[Records from a dataset]
○ ○ ○
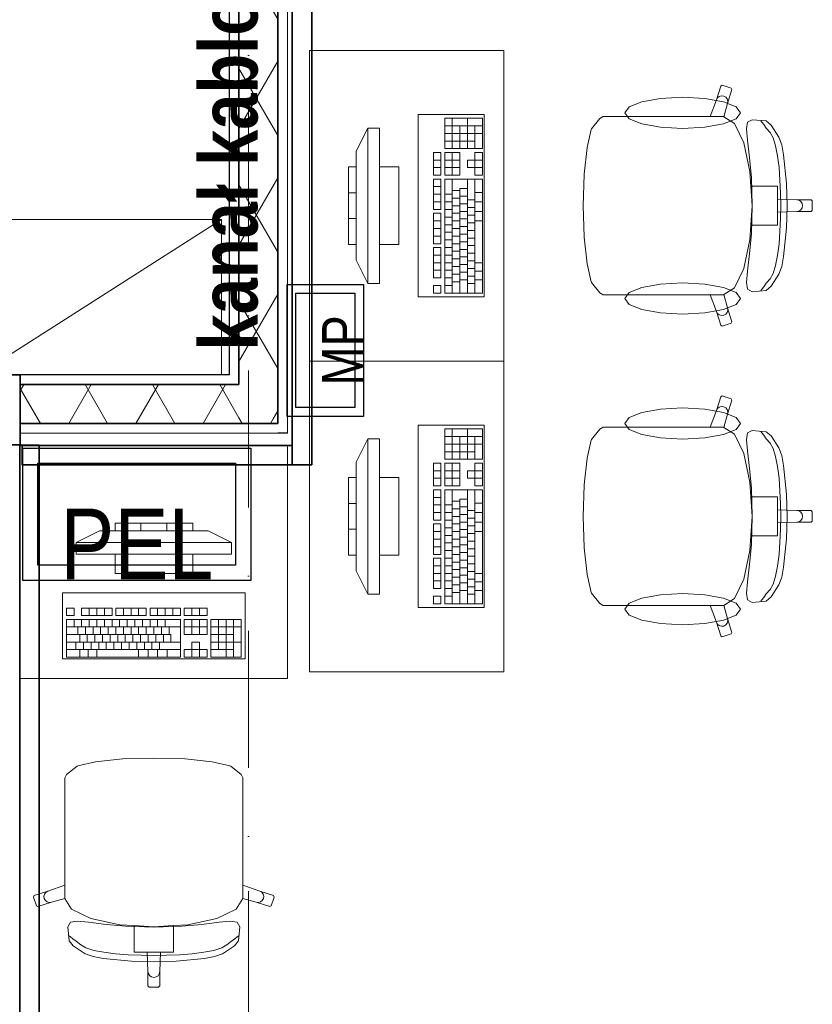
# Model space of a CAD drawing. Header units: millimetres. Extents: x 82175 to 237000, y 24756 to 471700.
# Tile 92 of 256: x 109700 to 111742, y 243104 to 245640. Entities that reach past the tile are written whole.
import ezdxf

# ---------------------------------------------------------------- set-up
doc = ezdxf.new("R2010")
doc.units = ezdxf.units.MM
doc.linetypes.add('Kropki i Kreski', pattern=[6.702778, 3.527778, -1.763889, 0, -1.411111])
for name, color, linetype, lineweight in [('!! kanał podpoaraperowy z gniazdami', 6, 'Continuous', 35), ('#_EL - opis', 7, 'Continuous', 20), ('\xa0♦elektryczne', 1, 'Continuous', 30), ('\xa0♦IT - HDMI', 1, 'Continuous', 35)]:
    doc.layers.add(name, color=color, linetype=linetype, lineweight=lineweight)
for name, color, linetype in [('#EL - Teletechnika', 3, 'Continuous'), ('Konstrukcja - Siatka mod', 8, 'Continuous'), ('Konstrukcja - Ściany działowe', 8, 'Continuous'), ('Wnętrze - Umeblowanie', 8, 'Continuous')]:
    doc.layers.add(name, color=color, linetype=linetype)
doc.styles.add('OP_100', font='ARIALN.TTF', dxfattribs={"width": 0.8, "height": 20})
doc.styles.get("Standard").update_dxf_attribs({"font": 'arial.ttf'})
pattern_1 = [(60, (-135208.59, 523986.62), (-129.90381, 75), []), (120, (-135208.59, 523986.62), (129.90381, 75), [])]

# ---------------------------------------------------------------- blocks, each defined once
blk = doc.blocks.new('PEl 2')
at = {"layer": '#EL - Teletechnika', "color": 1, "lineweight": 30}
blk.add_lwpolyline([(53978.4, 11970.9), (53390.4, 11970.9), (53390.4, 12311.9), (53978.4, 12311.9)], close=True, dxfattribs=at)
at = {"layer": '#EL - Teletechnika', "color": 7, "lineweight": 30}
blk.add_lwpolyline([(53939, 12010.2), (53429.7, 12010.2), (53429.7, 12272.5), (53939, 12272.5)], close=True, dxfattribs=at)
at = {"layer": '#EL - Teletechnika', "color": 1, "insert": (53684.4, 12064.5), "char_height": 20.791, "attachment_point": 5, "line_spacing_factor": 0.4}
blk.add_mtext('\\fArial Narrow|b0|i0;{\\H8.7679950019x;\\A1;PEL}\\A1;\\fTahoma|b1|i0|c238;\\P', dxfattribs=at)
blk = doc.blocks.new('MP1')
at = {"layer": '#EL - Teletechnika', "color": 1, "lineweight": 30}
blk.add_lwpolyline([(170, 0), (-170, 0), (-170, 197.2), (170, 197.2)], close=True, dxfattribs=at)
at = {"layer": '#EL - Teletechnika', "color": 7, "lineweight": 30}
blk.add_lwpolyline([(147.2, 22.8), (-147.2, 22.8), (-147.2, 174.4), (147.2, 174.4)], close=True, dxfattribs=at)
at = {"layer": '#EL - Teletechnika', "color": 1, "insert": (0, 54.2), "char_height": 12.023, "attachment_point": 5, "line_spacing_factor": 0.4}
blk.add_mtext('\\fArial Narrow|b0|i0;{\\H8.7679950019x;\\A1;MP}\\A1;\\fTahoma|b1|i0|c238;\\P', dxfattribs=at)

msp = doc.modelspace()

# ---------------------------------------------------------------- hatches: boundary and pattern name
at = {"layer": 'Konstrukcja - Ściany działowe', "linetype": 'Continuous', "lineweight": 13}
h = msp.add_hatch(dxfattribs=at)
h.set_pattern_fill('Izolacja_miękka_0004', color=8, style=0, pattern_type=2)
h.set_pattern_definition(pattern_1)
h.paths.add_polyline_path([(110365, 247658.9), (110265, 247658.9), (110265, 244699.9), (110365, 244699.9)])
h = msp.add_hatch(dxfattribs=at)
h.set_pattern_fill('Bloczki_ceramiczne_0004', color=8, style=0, pattern_type=2)
h.set_pattern_definition([(45, (-135208.59, 523986.62), (-127.27922, 127.27922), [])])
h.paths.add_polyline_path([(107432.4, 244544.9), (109701.8, 244544.9), (109701.8, 244724.9), (107432.4, 244724.9)])
h = msp.add_hatch(dxfattribs=at)
h.set_pattern_fill('Izolacja_miękka_0004', color=8, style=0, pattern_type=2)
h.set_pattern_definition(pattern_1)
h.paths.add_polyline_path([(110265, 244699.9), (109701.8, 244699.9), (109701.8, 244599.9), (110265, 244599.9)])
h = msp.add_hatch(dxfattribs=at)
h.set_pattern_fill('Izolacja_miękka_0004', color=8, style=0, pattern_type=2)
h.set_pattern_definition(pattern_1)
h.paths.add_polyline_path([(110265, 244699.9), (110265, 244599.9), (110365, 244599.9)])
h = msp.add_hatch(dxfattribs=at)
h.set_pattern_fill('Izolacja_miękka_0004', color=8, style=0, pattern_type=2)
h.set_pattern_definition(pattern_1)
h.paths.add_polyline_path([(110365, 244699.9), (110265, 244699.9), (110365, 244599.9)])

# ---------------------------------------------------------------- linework, layer by layer
at = {"layer": '!! kanał podpoaraperowy z gniazdami'}
for points in [[(110402.5, 247605.6), (110402.5, 244493.5), (110452.5, 244493.5), (110452.5, 247605.6)], [(109700.6, 244543.6), (109700.6, 242705.5), (109750.6, 242705.5), (109750.6, 244543.6)], [(110402.5, 244543.5), (109706.5, 244543.5), (109706.5, 244493.5), (110402.5, 244493.5)]]:
    msp.add_lwpolyline(points, close=True, dxfattribs=at)
at = {"layer": 'Konstrukcja - Siatka mod', "color": 8, "linetype": 'Kropki i Kreski', "lineweight": 13, "ltscale": 100}
msp.add_line((110290, 250769.5), (110290, 233800), dxfattribs=at)
at = {"layer": 'Konstrukcja - Ściany działowe', "color": 8, "linetype": 'Continuous', "lineweight": 35, "ltscale": 100}
for p, q in [((110265, 247658.9), (110265, 244699.9)), ((110365, 244699.9), (110365, 247658.9)), ((110240, 244699.9), (109701.8, 244699.9)), ((110240, 244699.9), (110265, 244699.9)), ((110240, 244699.9), (110265, 244699.9)), ((110365, 244599.9), (110365, 244699.9)), ((109701.8, 244599.9), (110265, 244599.9)), ((110265, 244599.9), (110365, 244599.9)), ((110265, 244599.9), (110365, 244599.9))]:
    msp.add_line(p, q, dxfattribs=at)
at = {"layer": 'Konstrukcja - Ściany działowe', "color": 8, "linetype": 'Continuous', "lineweight": 25, "ltscale": 100, "flags": 128}
for points in [[(110240, 247658.9), (110240, 244724.9)], [(110240, 244724.9), (109701.8, 244724.9)], [(109701.8, 244599.9), (109701.8, 244574.9)], [(110390, 244574.9), (110365, 244574.9)]]:
    msp.add_lwpolyline(points, dxfattribs=at)
at = {"layer": 'Konstrukcja - Ściany działowe', "color": 8, "linetype": 'Continuous', "lineweight": 13, "ltscale": 100, "flags": 128}
for points in [[(110390, 244574.9), (110390, 247658.9)], [(109701.8, 244724.9), (109701.8, 244699.9)], [(109701.8, 244574.9), (110365, 244574.9)]]:
    msp.add_lwpolyline(points, dxfattribs=at)
at = {"layer": 'Konstrukcja - Ściany działowe', "color": 8, "linetype": 'Continuous', "lineweight": 35, "ltscale": 100, "flags": 128}
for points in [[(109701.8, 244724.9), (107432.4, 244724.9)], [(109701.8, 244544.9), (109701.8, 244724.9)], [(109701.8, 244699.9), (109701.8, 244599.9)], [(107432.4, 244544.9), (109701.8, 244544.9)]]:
○ ○ ○
• **Requirement**
Every line holding the string "Kreski" should be copied here, so please find those lines in the data.

• **Your response**
doc.linetypes.add('Kropki i Kreski', pattern=[6.702778, 3.527778, -1.763889, 0, -1.411111])
at = {"layer": 'Konstrukcja - Siatka mod', "color": 8, "linetype": 'Kropki i Kreski', "lineweight": 13, "ltscale": 100}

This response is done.